They stood in near-silence Thursday on the airport tarmac as a flag-draped coffin slowly emerged from the plane.
The remains of Lloyd Timm were finally coming home, nearly 80 years after the 19-year-old from southeastern Minnesota was killed during the Japanese attack on Pearl Harbor.
No one — young or old — gathered on the tarmac at the Minneapolis-St. Paul International Airport had ever met Timm. The young sailor's siblings and parents died decades ago.
But a generation that followed stood together Thursday to pay tribute to the kid from Kellogg, Minn., and escort his remains back to his hometown, a community of about 470 people in the Mississippi River Valley about 50 miles northeast of Rochester.

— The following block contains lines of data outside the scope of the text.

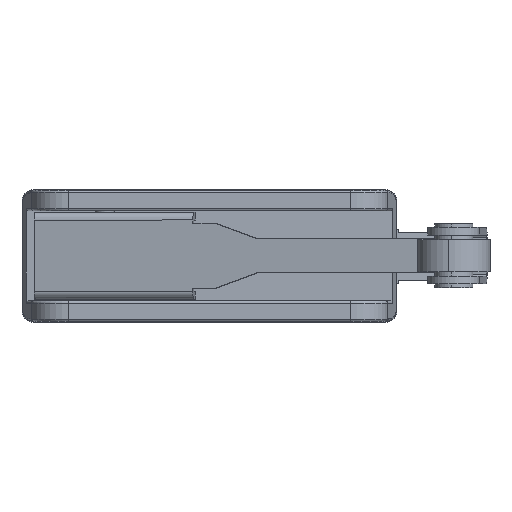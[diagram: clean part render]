
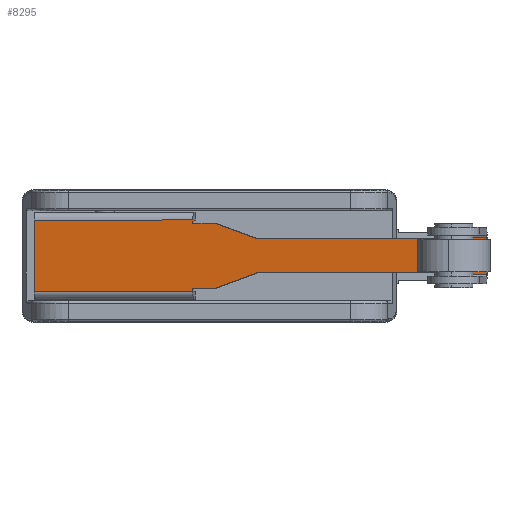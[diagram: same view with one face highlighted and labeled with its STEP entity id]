
A CAD part, top view. The second image highlights one B-rep face of the part: STEP entity #8295.
In plain terms, the highlighted planar face has unit normal (-0.141, 0, 0.99) as drawn and (0, 0, -1) by its records, which use the part's own axes.
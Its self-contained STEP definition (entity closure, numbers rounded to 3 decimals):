
#11 = LINE ( 'NONE', #9073, #9136 ) ;
#101 = CARTESIAN_POINT ( 'NONE',  ( -2.25, 53.1, 0. ) ) ;
#241 = VERTEX_POINT ( 'NONE', #14479 ) ;
#439 = DIRECTION ( 'NONE',  ( 0., 0., 1. ) ) ;
#455 = ORIENTED_EDGE ( 'NONE', *, *, #3618, .F. ) ;
#540 = LINE ( 'NONE', #13041, #7234 ) ;
#677 = VECTOR ( 'NONE', #13049, 1000. ) ;
#1372 = LINE ( 'NONE', #8587, #13350 ) ;
#1640 = CARTESIAN_POINT ( 'NONE',  ( 2.25, 29.5, 0. ) ) ;
#1678 = VERTEX_POINT ( 'NONE', #10584 ) ;
#1833 = DIRECTION ( 'NONE',  ( -1., 0., 0. ) ) ;
#1908 = CARTESIAN_POINT ( 'NONE',  ( 2.25, 29.5, 0. ) ) ;
#2122 = EDGE_CURVE ( 'NONE', #10120, #2680, #10469, .T. ) ;
#2182 = EDGE_CURVE ( 'NONE', #241, #8365, #12908, .T. ) ;
#2293 = CARTESIAN_POINT ( 'NONE',  ( 4.25, 24.005, 0. ) ) ;
#2441 = FACE_OUTER_BOUND ( 'NONE', #15404, .T. ) ;
#2445 = ORIENTED_EDGE ( 'NONE', *, *, #2122, .F. ) ;
#2680 = VERTEX_POINT ( 'NONE', #15016 ) ;
#2798 = VECTOR ( 'NONE', #14102, 1000. ) ;
#2807 = EDGE_CURVE ( 'NONE', #12126, #13201, #5952, .T. ) ;
#2831 = ORIENTED_EDGE ( 'NONE', *, *, #9004, .T. ) ;
#2899 = ORIENTED_EDGE ( 'NONE', *, *, #12044, .T. ) ;
#3108 = CARTESIAN_POINT ( 'NONE',  ( 4.7, 21., 0. ) ) ;
#3263 = EDGE_CURVE ( 'NONE', #9543, #15041, #13855, .T. ) ;
#3428 = EDGE_CURVE ( 'NONE', #11235, #12580, #14785, .T. ) ;
#3502 = CARTESIAN_POINT ( 'NONE',  ( -4.7, 21., 0. ) ) ;
#3618 = EDGE_CURVE ( 'NONE', #15063, #12126, #4061, .T. ) ;
#3682 = VECTOR ( 'NONE', #13411, 1000. ) ;
#3789 = VECTOR ( 'NONE', #14214, 1000. ) ;
#3861 = VECTOR ( 'NONE', #5153, 1000. ) ;
#3900 = CARTESIAN_POINT ( 'NONE',  ( -4.7, 0., 0. ) ) ;
#3951 = CARTESIAN_POINT ( 'NONE',  ( 0., 0., 0. ) ) ;
#4061 = LINE ( 'NONE', #6425, #3682 ) ;
#4112 = CARTESIAN_POINT ( 'NONE',  ( 2.25, 53.1, 0. ) ) ;
#4522 = DIRECTION ( 'NONE',  ( 0., 1., 0. ) ) ;
#4626 = CARTESIAN_POINT ( 'NONE',  ( 2.25, 53.1, 0. ) ) ;
#4895 = VERTEX_POINT ( 'NONE', #2293 ) ;
#5153 = DIRECTION ( 'NONE',  ( 1., 0., 0. ) ) ;
#5342 = EDGE_CURVE ( 'NONE', #4895, #9249, #9040, .T. ) ;
#5461 = VERTEX_POINT ( 'NONE', #8656 ) ;
#5503 = DIRECTION ( 'NONE',  ( 0., 1., 0. ) ) ;
#5525 = VECTOR ( 'NONE', #11633, 1000. ) ;
#5802 = CARTESIAN_POINT ( 'NONE',  ( 4.25, 21., 0. ) ) ;
#5824 = DIRECTION ( 'NONE',  ( -1., 0., 0. ) ) ;
#5852 = DIRECTION ( 'NONE',  ( -1., 0., 0. ) ) ;
#5904 = EDGE_CURVE ( 'NONE', #13201, #1678, #1372, .T. ) ;
#5914 = AXIS2_PLACEMENT_3D ( 'NONE', #3951, #439, #8751 ) ;
#5952 = LINE ( 'NONE', #14197, #15197 ) ;
#6092 = VECTOR ( 'NONE', #4522, 1000. ) ;
#6149 = ORIENTED_EDGE ( 'NONE', *, *, #10256, .T. ) ;
#6318 = ORIENTED_EDGE ( 'NONE', *, *, #7013, .F. ) ;
#6425 = CARTESIAN_POINT ( 'NONE',  ( -2.25, 29.5, 0. ) ) ;
#6455 = CARTESIAN_POINT ( 'NONE',  ( 4.25, 21., 0. ) ) ;
#6691 = CARTESIAN_POINT ( 'NONE',  ( -4.7, 0., 0. ) ) ;
#7013 = EDGE_CURVE ( 'NONE', #5461, #15041, #540, .T. ) ;
#7113 = DIRECTION ( 'NONE',  ( 0., 1., 0. ) ) ;
#7165 = CARTESIAN_POINT ( 'NONE',  ( -2.4, 59.9, 0. ) ) ;
#7234 = VECTOR ( 'NONE', #5852, 1000. ) ;
#7258 = VECTOR ( 'NONE', #13939, 1000. ) ;
#7444 = ORIENTED_EDGE ( 'NONE', *, *, #3263, .T. ) ;
#7563 = PLANE ( 'NONE',  #5914 ) ;
#7867 = DIRECTION ( 'NONE',  ( 0.342, -0.94, 0. ) ) ;
#8172 = DIRECTION ( 'NONE',  ( -0.342, -0.94, 0. ) ) ;
#8203 = ORIENTED_EDGE ( 'NONE', *, *, #3428, .T. ) ;
#8211 = CARTESIAN_POINT ( 'NONE',  ( -2.4, 53.1, 0. ) ) ;
#8295 = ADVANCED_FACE ( 'NONE', ( #2441 ), #7563, .F. ) ;
#8362 = VECTOR ( 'NONE', #7113, 1000. ) ;
#8365 = VERTEX_POINT ( 'NONE', #4112 ) ;
#8587 = CARTESIAN_POINT ( 'NONE',  ( -4.25, 21., 0. ) ) ;
#8656 = CARTESIAN_POINT ( 'NONE',  ( 2.4, 59.9, 0. ) ) ;
#8751 = DIRECTION ( 'NONE',  ( 1., 0., 0. ) ) ;
#9004 = EDGE_CURVE ( 'NONE', #9249, #2680, #9172, .T. ) ;
#9033 = ORIENTED_EDGE ( 'NONE', *, *, #5904, .F. ) ;
#9040 = LINE ( 'NONE', #5802, #3789 ) ;
#9073 = CARTESIAN_POINT ( 'NONE',  ( 4.25, 24.005, 0. ) ) ;
#9136 = VECTOR ( 'NONE', #7867, 1000. ) ;
#9172 = LINE ( 'NONE', #10402, #2798 ) ;
#9249 = VERTEX_POINT ( 'NONE', #6455 ) ;
#9274 = CARTESIAN_POINT ( 'NONE',  ( 2.4, 59.9, 0. ) ) ;
#9280 = LINE ( 'NONE', #9274, #6092 ) ;
#9413 = CARTESIAN_POINT ( 'NONE',  ( -2.25, 29.5, 0. ) ) ;
#9543 = VERTEX_POINT ( 'NONE', #8211 ) ;
#9586 = CARTESIAN_POINT ( 'NONE',  ( -4.7, 21., 0. ) ) ;
#9696 = VECTOR ( 'NONE', #5824, 1000. ) ;
#9811 = DIRECTION ( 'NONE',  ( 0., -1., 0. ) ) ;
#9989 = CARTESIAN_POINT ( 'NONE',  ( 4.7, 0., 0. ) ) ;
#10120 = VERTEX_POINT ( 'NONE', #9989 ) ;
#10193 = CARTESIAN_POINT ( 'NONE',  ( -4.7, 21., 0. ) ) ;
#10202 = LINE ( 'NONE', #14384, #677 ) ;
#10215 = EDGE_CURVE ( 'NONE', #1678, #12580, #10278, .T. ) ;
#10256 = EDGE_CURVE ( 'NONE', #11078, #4895, #11, .T. ) ;
#10278 = LINE ( 'NONE', #10193, #13090 ) ;
#10338 = ORIENTED_EDGE ( 'NONE', *, *, #5342, .T. ) ;
#10402 = CARTESIAN_POINT ( 'NONE',  ( 4.7, 21., 0. ) ) ;
#10469 = LINE ( 'NONE', #3108, #7258 ) ;
#10534 = ORIENTED_EDGE ( 'NONE', *, *, #11664, .F. ) ;
#10584 = CARTESIAN_POINT ( 'NONE',  ( -4.25, 21., 0. ) ) ;
#11078 = VERTEX_POINT ( 'NONE', #1640 ) ;
#11235 = VERTEX_POINT ( 'NONE', #6691 ) ;
#11633 = DIRECTION ( 'NONE',  ( 0., -1., 0. ) ) ;
#11664 = EDGE_CURVE ( 'NONE', #241, #5461, #9280, .T. ) ;
#11836 = ORIENTED_EDGE ( 'NONE', *, *, #13149, .F. ) ;
#12044 = EDGE_CURVE ( 'NONE', #8365, #11078, #12283, .T. ) ;
#12126 = VERTEX_POINT ( 'NONE', #9413 ) ;
#12283 = LINE ( 'NONE', #1908, #5525 ) ;
#12580 = VERTEX_POINT ( 'NONE', #9586 ) ;
#12908 = LINE ( 'NONE', #4626, #9696 ) ;
#13041 = CARTESIAN_POINT ( 'NONE',  ( 0., 59.9, 0. ) ) ;
#13049 = DIRECTION ( 'NONE',  ( 1., 0., 0. ) ) ;
#13090 = VECTOR ( 'NONE', #1833, 1000. ) ;
#13111 = ORIENTED_EDGE ( 'NONE', *, *, #10215, .F. ) ;
#13149 = EDGE_CURVE ( 'NONE', #11235, #10120, #13834, .T. ) ;
#13201 = VERTEX_POINT ( 'NONE', #14837 ) ;
#13350 = VECTOR ( 'NONE', #9811, 1000. ) ;
#13411 = DIRECTION ( 'NONE',  ( 0., -1., 0. ) ) ;
#13459 = VECTOR ( 'NONE', #5503, 1000. ) ;
#13834 = LINE ( 'NONE', #3900, #3861 ) ;
#13855 = LINE ( 'NONE', #13921, #13459 ) ;
#13921 = CARTESIAN_POINT ( 'NONE',  ( -2.4, 59.9, 0. ) ) ;
#13939 = DIRECTION ( 'NONE',  ( 0., 1., 0. ) ) ;
#13943 = ORIENTED_EDGE ( 'NONE', *, *, #2807, .F. ) ;
#14102 = DIRECTION ( 'NONE',  ( 1., 0., 0. ) ) ;
#14197 = CARTESIAN_POINT ( 'NONE',  ( -4.25, 24.005, 0. ) ) ;
#14214 = DIRECTION ( 'NONE',  ( 0., -1., 0. ) ) ;
#14314 = ORIENTED_EDGE ( 'NONE', *, *, #15035, .F. ) ;
#14384 = CARTESIAN_POINT ( 'NONE',  ( -2.25, 53.1, 0. ) ) ;
#14479 = CARTESIAN_POINT ( 'NONE',  ( 2.4, 53.1, 0. ) ) ;
#14785 = LINE ( 'NONE', #3502, #8362 ) ;
#14837 = CARTESIAN_POINT ( 'NONE',  ( -4.25, 24.005, 0. ) ) ;
#15016 = CARTESIAN_POINT ( 'NONE',  ( 4.7, 21., 0. ) ) ;
#15035 = EDGE_CURVE ( 'NONE', #9543, #15063, #10202, .T. ) ;
#15041 = VERTEX_POINT ( 'NONE', #7165 ) ;
#15063 = VERTEX_POINT ( 'NONE', #101 ) ;
#15197 = VECTOR ( 'NONE', #8172, 1000. ) ;
#15404 = EDGE_LOOP ( 'NONE', ( #11836, #8203, #13111, #9033, #13943, #455, #14314, #7444, #6318, #10534, #15430, #2899, #6149, #10338, #2831, #2445 ) ) ;
#15430 = ORIENTED_EDGE ( 'NONE', *, *, #2182, .T. ) ;
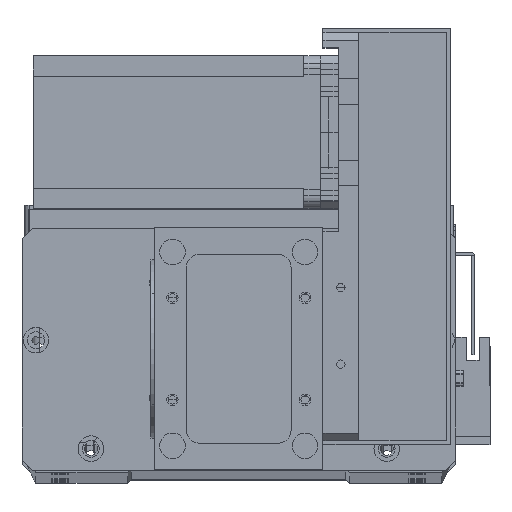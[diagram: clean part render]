
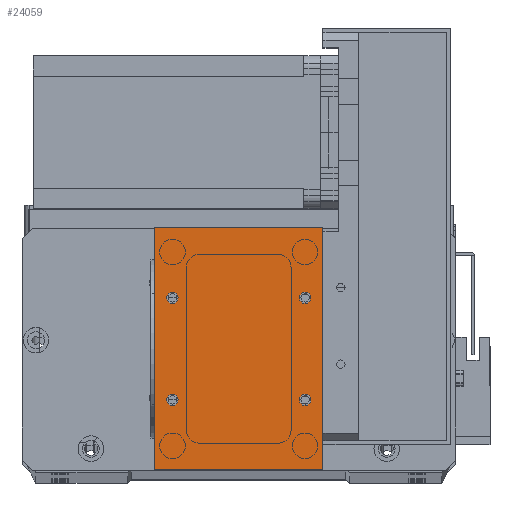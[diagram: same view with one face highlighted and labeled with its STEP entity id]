
A CAD part, top view. The second image highlights one B-rep face of the part: STEP entity #24059.
In plain terms, the highlighted planar face has unit normal (0, 0, 1).
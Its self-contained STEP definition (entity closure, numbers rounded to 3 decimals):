
#388 = VERTEX_POINT ( 'NONE', #3525 ) ;
#620 = ORIENTED_EDGE ( 'NONE', *, *, #19955, .F. ) ;
#742 = CARTESIAN_POINT ( 'NONE',  ( 56.75, 67.5, 2. ) ) ;
#913 = AXIS2_PLACEMENT_3D ( 'NONE', #13840, #31967, #16439 ) ;
#1062 = CARTESIAN_POINT ( 'NONE',  ( 9.25, 67.5, 2. ) ) ;
#1342 = VERTEX_POINT ( 'NONE', #29438 ) ;
#2374 = CIRCLE ( 'NONE', #23149, 2.25 ) ;
#2804 = CARTESIAN_POINT ( 'NONE',  ( 0., 0., 2. ) ) ;
#3504 = PLANE ( 'NONE',  #25938 ) ;
#3525 = CARTESIAN_POINT ( 'NONE',  ( 0., 95., 2. ) ) ;
#3619 = DIRECTION ( 'NONE',  ( 0., 0., -1. ) ) ;
#3636 = FACE_BOUND ( 'NONE', #16865, .T. ) ;
#4896 = EDGE_CURVE ( 'NONE', #388, #25155, #5757, .T. ) ;
#4903 = CARTESIAN_POINT ( 'NONE',  ( 59., 67.5, 2. ) ) ;
#5197 = CIRCLE ( 'NONE', #19307, 2.25 ) ;
#5204 = EDGE_CURVE ( 'NONE', #14593, #18463, #18287, .T. ) ;
#5757 = LINE ( 'NONE', #13683, #33306 ) ;
#6889 = CARTESIAN_POINT ( 'NONE',  ( 9.25, 27.5, 2. ) ) ;
#6988 = EDGE_CURVE ( 'NONE', #22289, #31484, #20610, .T. ) ;
#7063 = EDGE_CURVE ( 'NONE', #17554, #32083, #5197, .T. ) ;
#7439 = DIRECTION ( 'NONE',  ( 0., 0., 1. ) ) ;
#7455 = DIRECTION ( 'NONE',  ( 1., 0., 0. ) ) ;
#7664 = CARTESIAN_POINT ( 'NONE',  ( 7., 67.5, 2. ) ) ;
#7778 = CARTESIAN_POINT ( 'NONE',  ( 7., 27.5, 2. ) ) ;
#7965 = DIRECTION ( 'NONE',  ( 0., 0., 1. ) ) ;
#8238 = ORIENTED_EDGE ( 'NONE', *, *, #31002, .F. ) ;
#8354 = CARTESIAN_POINT ( 'NONE',  ( 4.75, 27.5, 2. ) ) ;
#8896 = AXIS2_PLACEMENT_3D ( 'NONE', #22974, #7439, #25574 ) ;
#9169 = EDGE_LOOP ( 'NONE', ( #13661, #10594 ) ) ;
#10016 = EDGE_LOOP ( 'NONE', ( #18664, #33505 ) ) ;
#10289 = DIRECTION ( 'NONE',  ( 1., 0., 0. ) ) ;
#10407 = DIRECTION ( 'NONE',  ( 1., 0., 0. ) ) ;
#10519 = FACE_BOUND ( 'NONE', #9169, .T. ) ;
#10594 = ORIENTED_EDGE ( 'NONE', *, *, #6988, .F. ) ;
#10674 = CARTESIAN_POINT ( 'NONE',  ( 0., 0., 2. ) ) ;
#10756 = CARTESIAN_POINT ( 'NONE',  ( 66., 95., 2. ) ) ;
#11119 = DIRECTION ( 'NONE',  ( 0., 0., 1. ) ) ;
#12001 = EDGE_CURVE ( 'NONE', #1342, #32696, #22080, .T. ) ;
#12136 = CIRCLE ( 'NONE', #33332, 2.25 ) ;
#12653 = CARTESIAN_POINT ( 'NONE',  ( 4.75, 67.5, 2. ) ) ;
#12873 = AXIS2_PLACEMENT_3D ( 'NONE', #23511, #7965, #26092 ) ;
#12977 = ORIENTED_EDGE ( 'NONE', *, *, #5204, .T. ) ;
#13384 = VECTOR ( 'NONE', #20915, 1000. ) ;
#13661 = ORIENTED_EDGE ( 'NONE', *, *, #33342, .F. ) ;
#13683 = CARTESIAN_POINT ( 'NONE',  ( 0., 0., 2. ) ) ;
#13840 = CARTESIAN_POINT ( 'NONE',  ( 59., 67.5, 2. ) ) ;
#13873 = DIRECTION ( 'NONE',  ( 0., 0., 1. ) ) ;
#14593 = VERTEX_POINT ( 'NONE', #20734 ) ;
#15260 = EDGE_LOOP ( 'NONE', ( #22609, #27350, #12977, #29560 ) ) ;
#16285 = AXIS2_PLACEMENT_3D ( 'NONE', #26613, #11119, #29237 ) ;
#16439 = DIRECTION ( 'NONE',  ( 1., 0., 0. ) ) ;
#16865 = EDGE_LOOP ( 'NONE', ( #8238, #620 ) ) ;
#17229 = CIRCLE ( 'NONE', #913, 2.25 ) ;
#17554 = VERTEX_POINT ( 'NONE', #1062 ) ;
#17772 = LINE ( 'NONE', #28520, #30741 ) ;
#18203 = FACE_BOUND ( 'NONE', #19314, .T. ) ;
#18287 = LINE ( 'NONE', #24570, #25188 ) ;
#18357 = EDGE_CURVE ( 'NONE', #18463, #388, #17772, .T. ) ;
#18463 = VERTEX_POINT ( 'NONE', #10756 ) ;
#18664 = ORIENTED_EDGE ( 'NONE', *, *, #7063, .F. ) ;
#19109 = CARTESIAN_POINT ( 'NONE',  ( 0., 0., 2. ) ) ;
#19307 = AXIS2_PLACEMENT_3D ( 'NONE', #7664, #25803, #10289 ) ;
#19314 = EDGE_LOOP ( 'NONE', ( #22487, #28001 ) ) ;
#19595 = VERTEX_POINT ( 'NONE', #23125 ) ;
#19955 = EDGE_CURVE ( 'NONE', #27725, #19595, #17229, .T. ) ;
#20610 = CIRCLE ( 'NONE', #8896, 2.25 ) ;
#20734 = CARTESIAN_POINT ( 'NONE',  ( 66., 0., 2. ) ) ;
#20915 = DIRECTION ( 'NONE',  ( 1., 0., 0. ) ) ;
#21119 = EDGE_CURVE ( 'NONE', #32696, #1342, #32165, .T. ) ;
#21715 = DIRECTION ( 'NONE',  ( -1., 0., 0. ) ) ;
#22080 = CIRCLE ( 'NONE', #16285, 2.25 ) ;
#22289 = VERTEX_POINT ( 'NONE', #8354 ) ;
#22487 = ORIENTED_EDGE ( 'NONE', *, *, #12001, .F. ) ;
#22609 = ORIENTED_EDGE ( 'NONE', *, *, #4896, .T. ) ;
#22974 = CARTESIAN_POINT ( 'NONE',  ( 7., 27.5, 2. ) ) ;
#22992 = DIRECTION ( 'NONE',  ( 0., 0., 1. ) ) ;
#23125 = CARTESIAN_POINT ( 'NONE',  ( 61.25, 67.5, 2. ) ) ;
#23149 = AXIS2_PLACEMENT_3D ( 'NONE', #7778, #25911, #10407 ) ;
#23511 = CARTESIAN_POINT ( 'NONE',  ( 59., 27.5, 2. ) ) ;
#24059 = ADVANCED_FACE ( 'NONE', ( #24298, #3636, #18203, #10519, #30363 ), #3504, .F. ) ;
#24298 = FACE_BOUND ( 'NONE', #10016, .T. ) ;
#24570 = CARTESIAN_POINT ( 'NONE',  ( 66., 0., 2. ) ) ;
#24657 = EDGE_CURVE ( 'NONE', #32083, #17554, #12136, .T. ) ;
#25155 = VERTEX_POINT ( 'NONE', #10674 ) ;
#25188 = VECTOR ( 'NONE', #29773, 1000. ) ;
#25574 = DIRECTION ( 'NONE',  ( 1., 0., 0. ) ) ;
#25803 = DIRECTION ( 'NONE',  ( 0., 0., 1. ) ) ;
#25911 = DIRECTION ( 'NONE',  ( 0., 0., 1. ) ) ;
#25938 = AXIS2_PLACEMENT_3D ( 'NONE', #19109, #3619, #21715 ) ;
#26092 = DIRECTION ( 'NONE',  ( 1., 0., 0. ) ) ;
#26326 = LINE ( 'NONE', #2804, #13384 ) ;
#26613 = CARTESIAN_POINT ( 'NONE',  ( 59., 27.5, 2. ) ) ;
#27350 = ORIENTED_EDGE ( 'NONE', *, *, #32192, .T. ) ;
#27725 = VERTEX_POINT ( 'NONE', #742 ) ;
#27990 = CIRCLE ( 'NONE', #31990, 2.25 ) ;
#28001 = ORIENTED_EDGE ( 'NONE', *, *, #21119, .F. ) ;
#28520 = CARTESIAN_POINT ( 'NONE',  ( 0., 95., 2. ) ) ;
#28550 = CARTESIAN_POINT ( 'NONE',  ( 56.75, 27.5, 2. ) ) ;
#28764 = DIRECTION ( 'NONE',  ( 0., -1., 0. ) ) ;
#29237 = DIRECTION ( 'NONE',  ( 1., 0., 0. ) ) ;
#29370 = CARTESIAN_POINT ( 'NONE',  ( 7., 67.5, 2. ) ) ;
#29438 = CARTESIAN_POINT ( 'NONE',  ( 61.25, 27.5, 2. ) ) ;
#29560 = ORIENTED_EDGE ( 'NONE', *, *, #18357, .T. ) ;
#29773 = DIRECTION ( 'NONE',  ( 0., 1., 0. ) ) ;
#30363 = FACE_OUTER_BOUND ( 'NONE', #15260, .T. ) ;
#30741 = VECTOR ( 'NONE', #31154, 1000. ) ;
#31002 = EDGE_CURVE ( 'NONE', #19595, #27725, #27990, .T. ) ;
#31154 = DIRECTION ( 'NONE',  ( -1., 0., 0. ) ) ;
#31484 = VERTEX_POINT ( 'NONE', #6889 ) ;
#31967 = DIRECTION ( 'NONE',  ( 0., 0., 1. ) ) ;
#31990 = AXIS2_PLACEMENT_3D ( 'NONE', #4903, #22992, #7455 ) ;
#31999 = DIRECTION ( 'NONE',  ( 1., 0., 0. ) ) ;
#32083 = VERTEX_POINT ( 'NONE', #12653 ) ;
#32165 = CIRCLE ( 'NONE', #12873, 2.25 ) ;
#32192 = EDGE_CURVE ( 'NONE', #25155, #14593, #26326, .T. ) ;
#32696 = VERTEX_POINT ( 'NONE', #28550 ) ;
#33306 = VECTOR ( 'NONE', #28764, 1000. ) ;
#33332 = AXIS2_PLACEMENT_3D ( 'NONE', #29370, #13873, #31999 ) ;
#33342 = EDGE_CURVE ( 'NONE', #31484, #22289, #2374, .T. ) ;
#33505 = ORIENTED_EDGE ( 'NONE', *, *, #24657, .F. ) ;

"He belongs home," said nephew Terry Timm, who made the trek from Kellogg to the Twin Cities with his wife, Betsy.
As the Southwest Airlines plane taxied to the gate, more than a dozen members of Timm's family and some of their friends pulled out cellphone cameras to capture the moment. Seven sailors based in the Twin Cities stood at attention. A funeral home hearse stood nearby.
"To have him here is a great day," said nephew Lloyd Ness, the sailor's namesake.
Under dreary September skies, the sailors stepped in uniform precision to the plane, taking charge of the solemn transfer to the hearse about 50 yards away.